= Sube Banerjee =

Sube Banerjee is a researcher specialised in dementia. Currently, he serves as the Pro-Vice-Chancellor for the Faculty of Medicine and Health Sciences at The University of Nottingham. His research focuses on the quality of life in dementia and the evaluation of new treatments. He served as the UK Department of Health's senior professional advisor on dementia and led the development and delivery of its National Dementia Strategy.

== Career ==
Sube Banerjee has held executive roles in multiple universities across the United Kingdom. He trained in medicine at St Thomas's Hospital Medical School, in epidemiology at the London School of Hygiene and Tropical Medicine, and in psychiatry at Guy's and the Maudsley hospitals and the Institute of Psychiatry, King's College London, further having an MBA from the London Business School. Clinically, he practised as an old age psychiatrist.

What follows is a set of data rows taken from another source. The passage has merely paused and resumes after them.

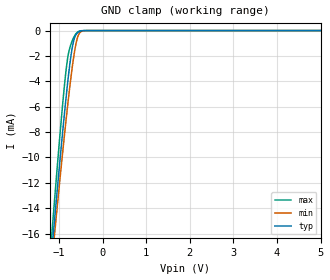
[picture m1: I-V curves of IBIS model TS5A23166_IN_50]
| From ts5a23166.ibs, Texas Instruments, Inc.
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[Model]   TS5A23166_IN_50
Model_type  Input
Vinl=0.8
Vinh=2.4
| variable   typ   min   max
C_comp   1.56pF   1.23pF   2.07pF
[Temperature Range]   40   100   -40
| Ambient temperature   25   85   -40
[Voltage range]   5   4.5   5.5
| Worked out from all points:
|   GND clamp passes 1 mA (typ) near -0.68 V on its own axis
[GND Clamp]
| TS5A23166_IN_50
|   Voltage   I(typ)   I(min)   I(max)
-5V       -184.3mA   -172.6mA   -197.7mA
-1.175V   -17.77mA   -18.67mA   -16.5mA
-1.14V    -16.4mA    -17.41mA   -14.99mA
-1.105V   -15.04mA   -16.16mA   -13.49mA
-1.075V   -13.89mA   -15.09mA   -12.22mA
-920mV    -8.126mA   -9.736mA   -5.957mA
-815mV    -4.545mA   -6.325mA   -2.498mA
-760mV    -2.885mA   -4.658mA   -1.463mA
-685mV    -1.138mA   -2.611mA   -710.2uA
-610mV    -320.4uA   -1.034mA   -241.2uA
-545mV    -94.2uA    -287.3uA   -57.32uA
5V        94.64pA    195.7pA    60.23pA
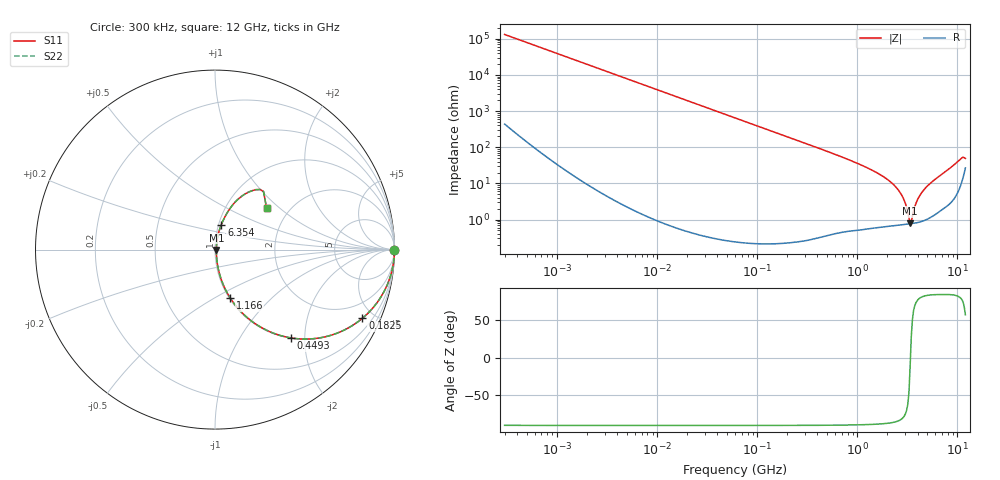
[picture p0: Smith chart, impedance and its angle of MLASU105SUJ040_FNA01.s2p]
! MLASU105SUJ040_FNA01  S-PARAMETER MODEL  ( General Type )
! Model Generated by TAIYO YUDEN Corporation (http://www.ty-top.com)
! Version 2.0
! TAIYO YUDEN Control No. 120810
! Copyright(c) 2011 TAIYO YUDEN CO.,LTD. All Rights Reserved.
! Product Description (link to TY-COMPAS)
! https://ds.yuden.co.jp/TYCOMPAS/or/detail?pn=MLASU105SUJ040CFNA01&u=M
! Products Name : Multilayer Ceramic Capacitors
! Characteristics :
!  Capacitance : 4 pF , Rated Voltage : 50V , TCC : UJ / U2J
!  Case Size : 1.0 x 0.5 / 0.039 x 0.02 [mm/inch] , Thickness : 0.5 / 0.02 [mm/inch]
!  (Conditions: Temperature = 25 degC , DC Bias Current/Voltage = 0A / 0V)
! External Node Assignments :
!  1  o---| |---o  2
! GND o---------o GND
! Frequency Range : 0.3MHz  -  12000MHz  [ 401 STEP ]
# MHz S RI R 50
! Freq[MHz].  S11 Real  S11 Imag  S21 Real  S21 Imag  S12 Real  S12 Imag  S22 Real  S22 Imag
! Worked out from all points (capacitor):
!   401 points, 300 kHz to 12 GHz, reference 50 ohm
!   read as one part in series: C = 4.05 pF near 316.3 kHz
!   lowest |Z| = 786 mohm at 3.365 GHz (marker M1)
!   series resonance near 3.392 GHz, so ESL is about 540 pH
!   S11 on the Smith chart (normalised r, x): 300 kHz: open; 182.5 MHz: 1.00, -4.29; 449.3 MHz: 1.01, -1.72; 1.166 GHz: 1.01, -0.59; 6.354 GHz: 1.03, +0.29; 12 GHz: 1.53, +0.83
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0.3  1 -0.000764  3.13e-06 0.000764  3.13e-06 0.000764  1 -0.000764
1.769972  1 -0.0045  2.26e-05 0.0045  2.26e-05 0.0045  1 -0.0045
10.44266  0.9993 -0.0266  0.000712 0.0266  0.000712 0.0266  0.9993 -0.0266
60  0.9771 -0.1493  0.0229 0.1493  0.0229 0.1493  0.9771 -0.1493
182.544  0.8214 -0.3825  0.1786 0.3825  0.1786 0.3825  0.8214 -0.3825
353.9943  0.5464 -0.4966  0.4536 0.4966  0.4536 0.4966  0.5464 -0.4966
449.3064  0.4249 -0.4924  0.5751 0.4924  0.5751 0.4924  0.4249 -0.4924
723.8279  0.2136 -0.4056  0.7864 0.4056  0.7864 0.4056  0.2136 -0.4056
1166.079  0.0852 -0.2703  0.9148 0.2703  0.9148 0.2703  0.0852 -0.2703
2088.533  0.0197 -0.1137  0.9803 0.1137  0.9803 0.1137  0.0197 -0.1137
2448.343  0.0126 -0.0753  0.9874 0.0753  0.9874 0.0753  0.0126 -0.0753
2795.104  0.00911 -0.0443  0.9909 0.0443  0.9909 0.0443  0.00911 -0.0443
3026.31  0.00802 -0.026  0.992 0.026  0.992 0.026  0.00802 -0.026
3276.641  0.00761 -0.00783  0.9924 0.00783  0.9924 0.00783  0.00761 -0.00783
3364.605  0.00761 -0.00168  0.9924 0.00168  0.9924 0.00168  0.00761 -0.00168
3547.679  0.00784 0.00934  0.9922 -0.00934  0.9922 -0.00934  0.00784 0.00934
3944.255  0.00912 0.0313  0.9909 -0.0313  0.9909 -0.0313  0.00912 0.0313
4385.161  0.0116 0.0532  0.9884 -0.0532  0.9884 -0.0532  0.0116 0.0532
6354.153  0.0352 0.1392  0.9648 -0.1392  0.9648 -0.1392  0.0352 0.1392
8503.825  0.0897 0.2378  0.9103 -0.2378  0.9103 -0.2378  0.0897 0.2378
10511.28  0.2028 0.327  0.7972 -0.327  0.7972 -0.327  0.2028 0.327
12000  0.287 0.2331  0.713 -0.2331  0.713 -0.2331  0.287 0.2331

He was a professor of Dementia and Associate Dean at Brighton and Sussex Medical School, where he led the Centre for Dementia Studies. Prior to joining Brighton in 2012, he held the role of Professor of Mental Health and Ageing at the Institute of Psychiatry, King's College London. He was the head of Cognitive Agility LTD, where he oversaw clinical trials. He was previously a professor of Dementia and Executive Dean of the Faculty of Health at The University of Plymouth.

== Research output ==
Professor Banerjee's research largely centres on quality of life in dementia, including care interventions, agitation management, and support systems. His research further focuses on quality of life in dementia, evaluation of new treatments, technologies and services in dementia care, and the interface between policy, research and practice.

He has had global and policy-level contributions, including leadership in the UK National Dementia Strategy and the WHO Global Action Plan on Dementia.

During his time at the University of Plymouth, his research focused on arguing for early diagnosis in dementia, community‑based care, and confronting inequities. He illustrated that dementia is a complex condition requiring multifaceted solutions, grounded in both policy and practice.

In May 2025, Professor Sube Banerjee MBE was elected as a Fellow of the Academy of Medical Sciences, one of 54 biomedical and health researchers recognised for their exceptional contributions to science and public benefit.

On ResearchGate, Sube Banerjee is listed with over 300 publications, over 20,000 citations, and expertise in Alzheimer's disease, geriatric psychiatry, ageing, and neurodegenerative research.